BEGIN

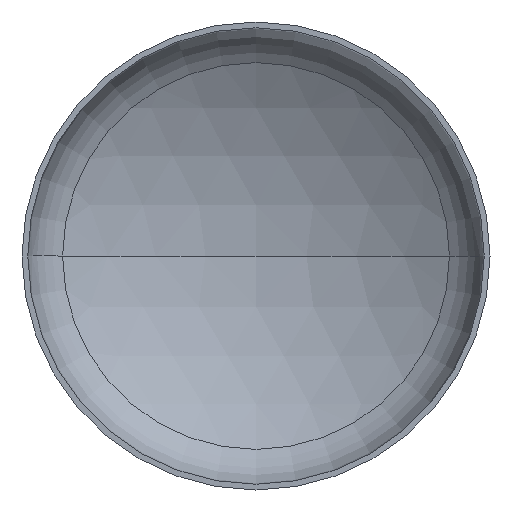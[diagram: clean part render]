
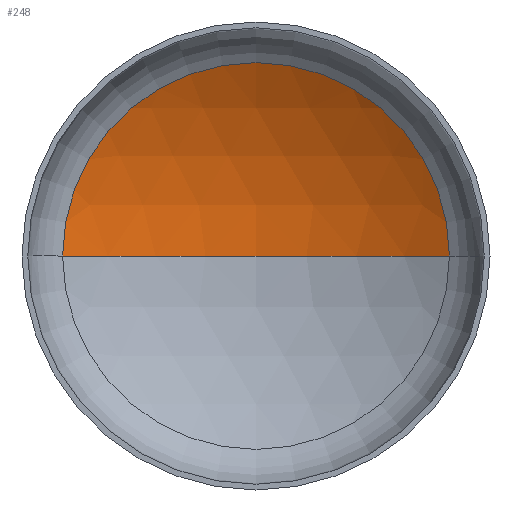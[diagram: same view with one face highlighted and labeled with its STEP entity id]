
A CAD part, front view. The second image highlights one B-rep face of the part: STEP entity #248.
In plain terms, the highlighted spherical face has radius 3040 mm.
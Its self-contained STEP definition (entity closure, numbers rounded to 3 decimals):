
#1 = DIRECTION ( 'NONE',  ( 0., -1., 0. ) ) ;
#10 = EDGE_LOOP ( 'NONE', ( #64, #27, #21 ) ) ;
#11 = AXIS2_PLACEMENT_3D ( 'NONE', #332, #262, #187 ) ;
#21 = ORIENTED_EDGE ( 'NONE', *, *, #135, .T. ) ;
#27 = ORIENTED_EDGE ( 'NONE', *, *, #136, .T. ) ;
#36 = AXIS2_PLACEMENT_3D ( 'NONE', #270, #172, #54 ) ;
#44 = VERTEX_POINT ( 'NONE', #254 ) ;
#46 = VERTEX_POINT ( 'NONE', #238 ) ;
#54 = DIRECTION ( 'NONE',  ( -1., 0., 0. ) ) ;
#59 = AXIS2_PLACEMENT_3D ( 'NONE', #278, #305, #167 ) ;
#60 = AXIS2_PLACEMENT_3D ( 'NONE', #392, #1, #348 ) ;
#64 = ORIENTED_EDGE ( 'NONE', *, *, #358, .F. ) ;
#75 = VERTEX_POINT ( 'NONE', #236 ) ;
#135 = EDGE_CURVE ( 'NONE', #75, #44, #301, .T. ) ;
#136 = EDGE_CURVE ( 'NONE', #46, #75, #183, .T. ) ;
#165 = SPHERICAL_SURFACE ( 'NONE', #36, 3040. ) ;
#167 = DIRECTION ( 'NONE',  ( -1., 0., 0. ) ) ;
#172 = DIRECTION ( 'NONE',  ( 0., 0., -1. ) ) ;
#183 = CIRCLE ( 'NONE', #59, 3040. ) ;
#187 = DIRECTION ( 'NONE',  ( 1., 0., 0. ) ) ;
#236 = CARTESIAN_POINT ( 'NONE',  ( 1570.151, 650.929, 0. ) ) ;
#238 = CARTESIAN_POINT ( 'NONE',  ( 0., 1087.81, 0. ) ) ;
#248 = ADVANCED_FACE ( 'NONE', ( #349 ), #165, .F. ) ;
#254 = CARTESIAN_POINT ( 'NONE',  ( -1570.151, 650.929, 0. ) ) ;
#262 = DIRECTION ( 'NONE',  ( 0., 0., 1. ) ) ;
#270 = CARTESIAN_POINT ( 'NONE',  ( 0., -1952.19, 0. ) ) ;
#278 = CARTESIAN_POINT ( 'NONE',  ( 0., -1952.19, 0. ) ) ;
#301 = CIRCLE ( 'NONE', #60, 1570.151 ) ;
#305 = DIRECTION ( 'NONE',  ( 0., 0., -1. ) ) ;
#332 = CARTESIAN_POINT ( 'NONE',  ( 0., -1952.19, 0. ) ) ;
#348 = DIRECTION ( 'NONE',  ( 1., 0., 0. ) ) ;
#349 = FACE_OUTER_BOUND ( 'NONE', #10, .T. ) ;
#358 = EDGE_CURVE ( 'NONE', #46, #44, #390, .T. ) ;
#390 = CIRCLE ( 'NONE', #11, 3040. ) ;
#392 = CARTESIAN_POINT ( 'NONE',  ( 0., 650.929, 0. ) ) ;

END

Exercise requirements —
Show each line of the listing that holds the string "DIRECTION".

Response box —
#1 = DIRECTION ( 'NONE',  ( 0., -1., 0. ) ) ;
#54 = DIRECTION ( 'NONE',  ( -1., 0., 0. ) ) ;
#167 = DIRECTION ( 'NONE',  ( -1., 0., 0. ) ) ;
#172 = DIRECTION ( 'NONE',  ( 0., 0., -1. ) ) ;
#187 = DIRECTION ( 'NONE',  ( 1., 0., 0. ) ) ;
#262 = DIRECTION ( 'NONE',  ( 0., 0., 1. ) ) ;
#305 = DIRECTION ( 'NONE',  ( 0., 0., -1. ) ) ;
#348 = DIRECTION ( 'NONE',  ( 1., 0., 0. ) ) ;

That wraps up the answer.